* Task description
The response should be the records below, repeated exactly, with each picture left out.

━━━━━━━━━━━━━━━━━━━━

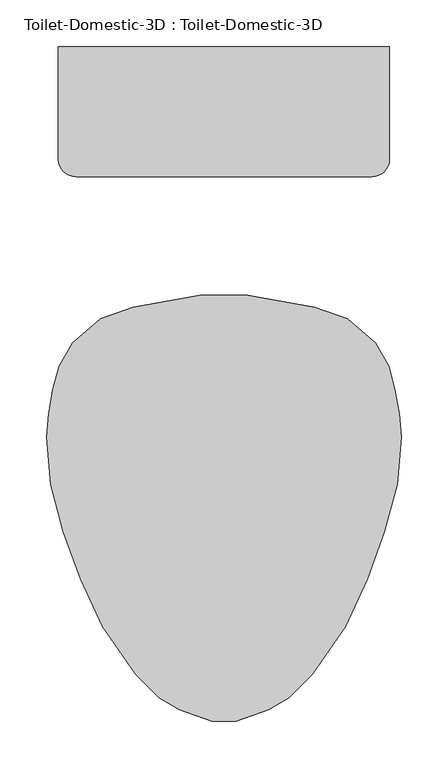
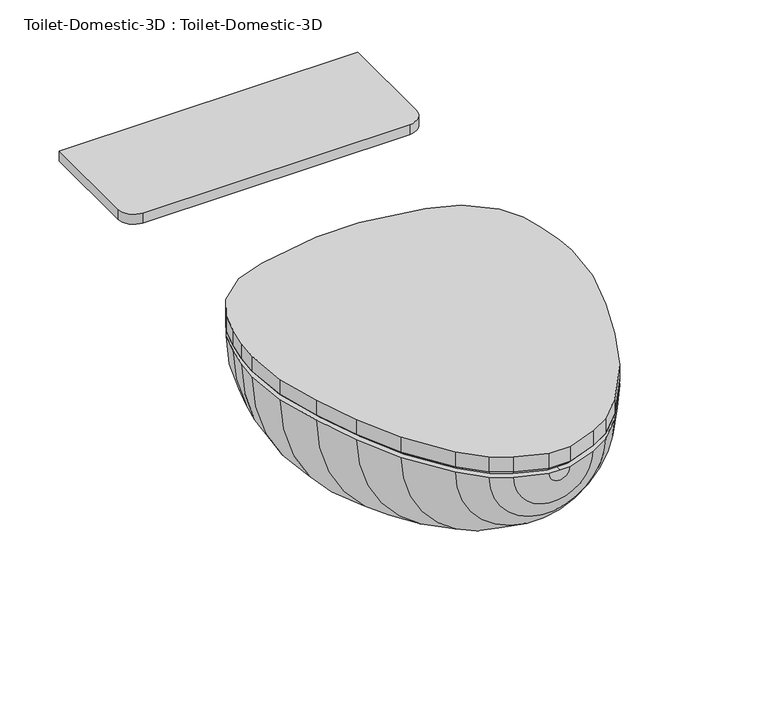
"""IFC4 building model written with IfcOpenShell, lengths in millimetres: flow terminal geometry, Toilet-Domestic-3D : Toilet-Domestic-3D."""

import ifcopenshell
import ifcopenshell.guid

model = None  # the IFC model being written
_history = None  # IfcOwnerHistory: only IFC2X3 demands one
_inside = {}  # id of a spatial element -> (the spatial element, [elements in it])
_under = {}  # id of a project, library or spatial element -> (it, [spatial elements below it])
_declared = {}  # id of a project -> (the project, [libraries it declares])
_typed = {}  # id of a type object -> (the type object, [elements of that type])
_made_of = {}  # id of a material, layer set ... -> (it, [elements and type objects made of it])


def new_model(schema):
    """Start an empty IFC model of exactly this schema.

    Asked for "IFC4X3", IfcOpenShell would pick the latest addendum, in which some entities
    have other attributes; the version numbers below select the first issue.
    IFC2X3 requires an IfcOwnerHistory on every rooted entity: one is made here for all.
    """
    global model, _history
    if schema == "IFC4X3":
        model = ifcopenshell.file(schema_version=(4, 3, 0, 0))
    else:
        model = ifcopenshell.file(schema=schema)
    _inside.clear()
    _under.clear()
    _declared.clear()
    _typed.clear()
    _made_of.clear()
    _history = None
    if model.schema == "IFC2X3":
        org = make("IfcOrganization", Name="unknown")
        user = make(
            "IfcPersonAndOrganization",
            ThePerson=make("IfcPerson", FamilyName="unknown"),
            TheOrganization=org,
        )
        app = make(
            "IfcApplication",
            ApplicationDeveloper=org,
            Version="unknown",
            ApplicationFullName="unknown",
            ApplicationIdentifier="unknown",
        )
        _history = make(
            "IfcOwnerHistory",
            OwningUser=user,
            OwningApplication=app,
            ChangeAction="ADDED",
            CreationDate=0,
        )
    return model


def make(cls, **values):
    """One entity of the class cls with the attributes given. An attribute that is None is left unset."""
    return model.create_entity(
        cls, **{name: value for name, value in values.items() if value is not None}
    )


def rooted(cls, **values):
    """An entity with a GlobalId (a new one), such as an element, a storey or a relation."""
    return make(cls, GlobalId=ifcopenshell.guid.new(), OwnerHistory=_history, **values)


def si_unit(unit_type, name, prefix=None):
    """IfcSIUnit, for example si_unit("LENGTHUNIT", "METRE", prefix="MILLI")."""
    return make("IfcSIUnit", UnitType=unit_type, Prefix=prefix, Name=name)


def assignment(units):
    """IfcUnitAssignment: the units of a project."""
    return None if units is None else make("IfcUnitAssignment", Units=units)


def point(xyz):
    """IfcCartesianPoint."""
    return None if xyz is None else make("IfcCartesianPoint", Coordinates=xyz)


def direction(xyz):
    """IfcDirection."""
    return None if xyz is None else make("IfcDirection", DirectionRatios=xyz)


def frame(location, z_axis=None, x_axis=None):
    """IfcAxis2Placement3D, a coordinate frame: its origin and axes. An axis left out is left unset."""
    return make(
        "IfcAxis2Placement3D",
        Location=point(location),
        Axis=direction(z_axis),
        RefDirection=direction(x_axis),
    )


def frame_2d(location, x_axis=None):
    """IfcAxis2Placement2D, a coordinate frame in the plane: its origin and x axis."""
    return make(
        "IfcAxis2Placement2D", Location=point(location), RefDirection=direction(x_axis)
    )


def origin():
    """The frame at (0, 0, 0) with its axes left unset."""
    return frame((0.0, 0.0, 0.0))


def place(relative_to, where):
    """IfcLocalPlacement: puts the frame where relative to a parent placement (None: the world)."""
    return make(
        "IfcLocalPlacement", PlacementRelTo=relative_to, RelativePlacement=where
    )


def context(
    kind, dimensions, precision=None, world=None, true_north=None, identifier=None
):
    """IfcGeometricRepresentationContext, for example the 3D "Model" context."""
    return make(
        "IfcGeometricRepresentationContext",
        ContextIdentifier=identifier,
        ContextType=kind,
        CoordinateSpaceDimension=dimensions,
        Precision=precision,
        WorldCoordinateSystem=world,
        TrueNorth=true_north,
    )


def project(units=None, contexts=None):
    """IfcProject with its units and contexts."""
    return rooted(
        "IfcProject",
        Name="project",
        RepresentationContexts=contexts,
        UnitsInContext=assignment(units),
    )


def spatial(cls, under=None, at=None, **own):
    """A site, building, storey or space (cls), placed at a placement, below another one or the project."""
    s = rooted(cls, ObjectPlacement=at, **own)
    if under is not None:
        _under.setdefault(under.id(), (under, []))[1].append(s)
    return s


def polyline(points):
    """IfcPolyline through the points."""
    return make("IfcPolyline", Points=[point(p) for p in points])


def circle_curve(where, radius):
    """IfcCircle in the frame where."""
    return make("IfcCircle", Position=where, Radius=radius)


def trimmed(basis, trim1, trim2, sense, master):
    """IfcTrimmedCurve: the piece of a basis curve between two trims."""
    return make(
        "IfcTrimmedCurve",
        BasisCurve=basis,
        Trim1=trim1,
        Trim2=trim2,
        SenseAgreement=sense,
        MasterRepresentation=master,
    )


def segment(curve, same_sense, transition):
    """IfcCompositeCurveSegment."""
    return make(
        "IfcCompositeCurveSegment",
        Transition=transition,
        SameSense=same_sense,
        ParentCurve=curve,
    )


def composite_curve(segments, self_intersect=None):
    """IfcCompositeCurve: segments joined end to end."""
    return make("IfcCompositeCurve", Segments=segments, SelfIntersect=self_intersect)


def outline(outer, holes=None, kind="AREA"):
    """IfcArbitraryClosedProfileDef: a profile drawn as a closed curve; with holes, ...WithVoids."""
    if holes is None:
        return make("IfcArbitraryClosedProfileDef", ProfileType=kind, OuterCurve=outer)
    return make(
        "IfcArbitraryProfileDefWithVoids",
        ProfileType=kind,
        OuterCurve=outer,
        InnerCurves=holes,
    )


def extrude(swept, where, along, depth):
    """IfcExtrudedAreaSolid: the profile swept, set in the frame where, extruded along a direction by depth."""
    return make(
        "IfcExtrudedAreaSolid",
        SweptArea=swept,
        Position=where,
        ExtrudedDirection=direction(along),
        Depth=depth,
    )


def faces_of(points, faces, orient=None, outer=None):
    """IfcFace entities. A face is a list of loops; a loop is a list of indices into points, from 0.

    orient and outer hold one flag for each loop. By default every Orientation is true, the
    first loop of a face is its IfcFaceOuterBound and the others are IfcFaceBound.
    """
    made = []
    for i, loops in enumerate(faces):
        bounds = []
        for j, loop in enumerate(loops):
            is_outer = j == 0 if outer is None else outer[i][j]
            bounds.append(
                make(
                    "IfcFaceOuterBound" if is_outer else "IfcFaceBound",
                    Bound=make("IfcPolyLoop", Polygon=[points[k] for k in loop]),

━━━━━━━━━━━━━━━━━━━━

* Solution to this task
"""IFC4 building model written with IfcOpenShell, lengths in millimetres: flow terminal geometry, Toilet-Domestic-3D : Toilet-Domestic-3D."""

import ifcopenshell
import ifcopenshell.guid

model = None  # the IFC model being written
_history = None  # IfcOwnerHistory: only IFC2X3 demands one
_inside = {}  # id of a spatial element -> (the spatial element, [elements in it])
_under = {}  # id of a project, library or spatial element -> (it, [spatial elements below it])
_declared = {}  # id of a project -> (the project, [libraries it declares])
_typed = {}  # id of a type object -> (the type object, [elements of that type])
_made_of = {}  # id of a material, layer set ... -> (it, [elements and type objects made of it])


def new_model(schema):
    """Start an empty IFC model of exactly this schema.

    Asked for "IFC4X3", IfcOpenShell would pick the latest addendum, in which some entities
    have other attributes; the version numbers below select the first issue.
    IFC2X3 requires an IfcOwnerHistory on every rooted entity: one is made here for all.
    """
    global model, _history
    if schema == "IFC4X3":
        model = ifcopenshell.file(schema_version=(4, 3, 0, 0))
    else:
        model = ifcopenshell.file(schema=schema)
    _inside.clear()
    _under.clear()
    _declared.clear()
    _typed.clear()
    _made_of.clear()
    _history = None
    if model.schema == "IFC2X3":
        org = make("IfcOrganization", Name="unknown")
        user = make(
            "IfcPersonAndOrganization",
            ThePerson=make("IfcPerson", FamilyName="unknown"),
            TheOrganization=org,
        )
        app = make(
            "IfcApplication",
            ApplicationDeveloper=org,
            Version="unknown",
            ApplicationFullName="unknown",
            ApplicationIdentifier="unknown",
        )
        _history = make(
            "IfcOwnerHistory",
            OwningUser=user,
            OwningApplication=app,
            ChangeAction="ADDED",
            CreationDate=0,
        )
    return model


def make(cls, **values):
    """One entity of the class cls with the attributes given. An attribute that is None is left unset."""
    return model.create_entity(
        cls, **{name: value for name, value in values.items() if value is not None}
    )


def rooted(cls, **values):
    """An entity with a GlobalId (a new one), such as an element, a storey or a relation."""
    return make(cls, GlobalId=ifcopenshell.guid.new(), OwnerHistory=_history, **values)


def si_unit(unit_type, name, prefix=None):
    """IfcSIUnit, for example si_unit("LENGTHUNIT", "METRE", prefix="MILLI")."""
    return make("IfcSIUnit", UnitType=unit_type, Prefix=prefix, Name=name)


def assignment(units):
    """IfcUnitAssignment: the units of a project."""
    return None if units is None else make("IfcUnitAssignment", Units=units)


def point(xyz):
    """IfcCartesianPoint."""
    return None if xyz is None else make("IfcCartesianPoint", Coordinates=xyz)


def direction(xyz):
    """IfcDirection."""
    return None if xyz is None else make("IfcDirection", DirectionRatios=xyz)


def frame(location, z_axis=None, x_axis=None):
    """IfcAxis2Placement3D, a coordinate frame: its origin and axes. An axis left out is left unset."""
    return make(
        "IfcAxis2Placement3D",
        Location=point(location),
        Axis=direction(z_axis),
        RefDirection=direction(x_axis),
    )


def frame_2d(location, x_axis=None):
    """IfcAxis2Placement2D, a coordinate frame in the plane: its origin and x axis."""
    return make(
        "IfcAxis2Placement2D", Location=point(location), RefDirection=direction(x_axis)
    )


def origin():
    """The frame at (0, 0, 0) with its axes left unset."""
    return frame((0.0, 0.0, 0.0))


def place(relative_to, where):
    """IfcLocalPlacement: puts the frame where relative to a parent placement (None: the world)."""
    return make(
        "IfcLocalPlacement", PlacementRelTo=relative_to, RelativePlacement=where
    )


def context(
    kind, dimensions, precision=None, world=None, true_north=None, identifier=None
):
    """IfcGeometricRepresentationContext, for example the 3D "Model" context."""
    return make(
        "IfcGeometricRepresentationContext",
        ContextIdentifier=identifier,
        ContextType=kind,
        CoordinateSpaceDimension=dimensions,
        Precision=precision,
        WorldCoordinateSystem=world,
        TrueNorth=true_north,
    )


def project(units=None, contexts=None):
    """IfcProject with its units and contexts."""
    return rooted(
        "IfcProject",
        Name="project",
        RepresentationContexts=contexts,
        UnitsInContext=assignment(units),
    )


def spatial(cls, under=None, at=None, **own):
    """A site, building, storey or space (cls), placed at a placement, below another one or the project."""
    s = rooted(cls, ObjectPlacement=at, **own)
    if under is not None:
        _under.setdefault(under.id(), (under, []))[1].append(s)
    return s


def polyline(points):
    """IfcPolyline through the points."""
    return make("IfcPolyline", Points=[point(p) for p in points])


def circle_curve(where, radius):
    """IfcCircle in the frame where."""
    return make("IfcCircle", Position=where, Radius=radius)


def trimmed(basis, trim1, trim2, sense, master):
    """IfcTrimmedCurve: the piece of a basis curve between two trims."""
    return make(
        "IfcTrimmedCurve",
        BasisCurve=basis,
        Trim1=trim1,
        Trim2=trim2,
        SenseAgreement=sense,
        MasterRepresentation=master,
    )


def segment(curve, same_sense, transition):
    """IfcCompositeCurveSegment."""
    return make(
        "IfcCompositeCurveSegment",
        Transition=transition,
        SameSense=same_sense,
        ParentCurve=curve,
    )


def composite_curve(segments, self_intersect=None):
    """IfcCompositeCurve: segments joined end to end."""
    return make("IfcCompositeCurve", Segments=segments, SelfIntersect=self_intersect)


def outline(outer, holes=None, kind="AREA"):
    """IfcArbitraryClosedProfileDef: a profile drawn as a closed curve; with holes, ...WithVoids."""
    if holes is None:
        return make("IfcArbitraryClosedProfileDef", ProfileType=kind, OuterCurve=outer)
    return make(
        "IfcArbitraryProfileDefWithVoids",
        ProfileType=kind,
        OuterCurve=outer,
        InnerCurves=holes,
    )


def extrude(swept, where, along, depth):
    """IfcExtrudedAreaSolid: the profile swept, set in the frame where, extruded along a direction by depth."""
    return make(
        "IfcExtrudedAreaSolid",
        SweptArea=swept,
        Position=where,
        ExtrudedDirection=direction(along),
        Depth=depth,
    )


def faces_of(points, faces, orient=None, outer=None):
    """IfcFace entities. A face is a list of loops; a loop is a list of indices into points, from 0.

    orient and outer hold one flag for each loop. By default every Orientation is true, the
    first loop of a face is its IfcFaceOuterBound and the others are IfcFaceBound.
    """
    made = []
    for i, loops in enumerate(faces):
        bounds = []
        for j, loop in enumerate(loops):
            is_outer = j == 0 if outer is None else outer[i][j]
            bounds.append(
                make(
                    "IfcFaceOuterBound" if is_outer else "IfcFaceBound",
                    Bound=make("IfcPolyLoop", Polygon=[points[k] for k in loop]),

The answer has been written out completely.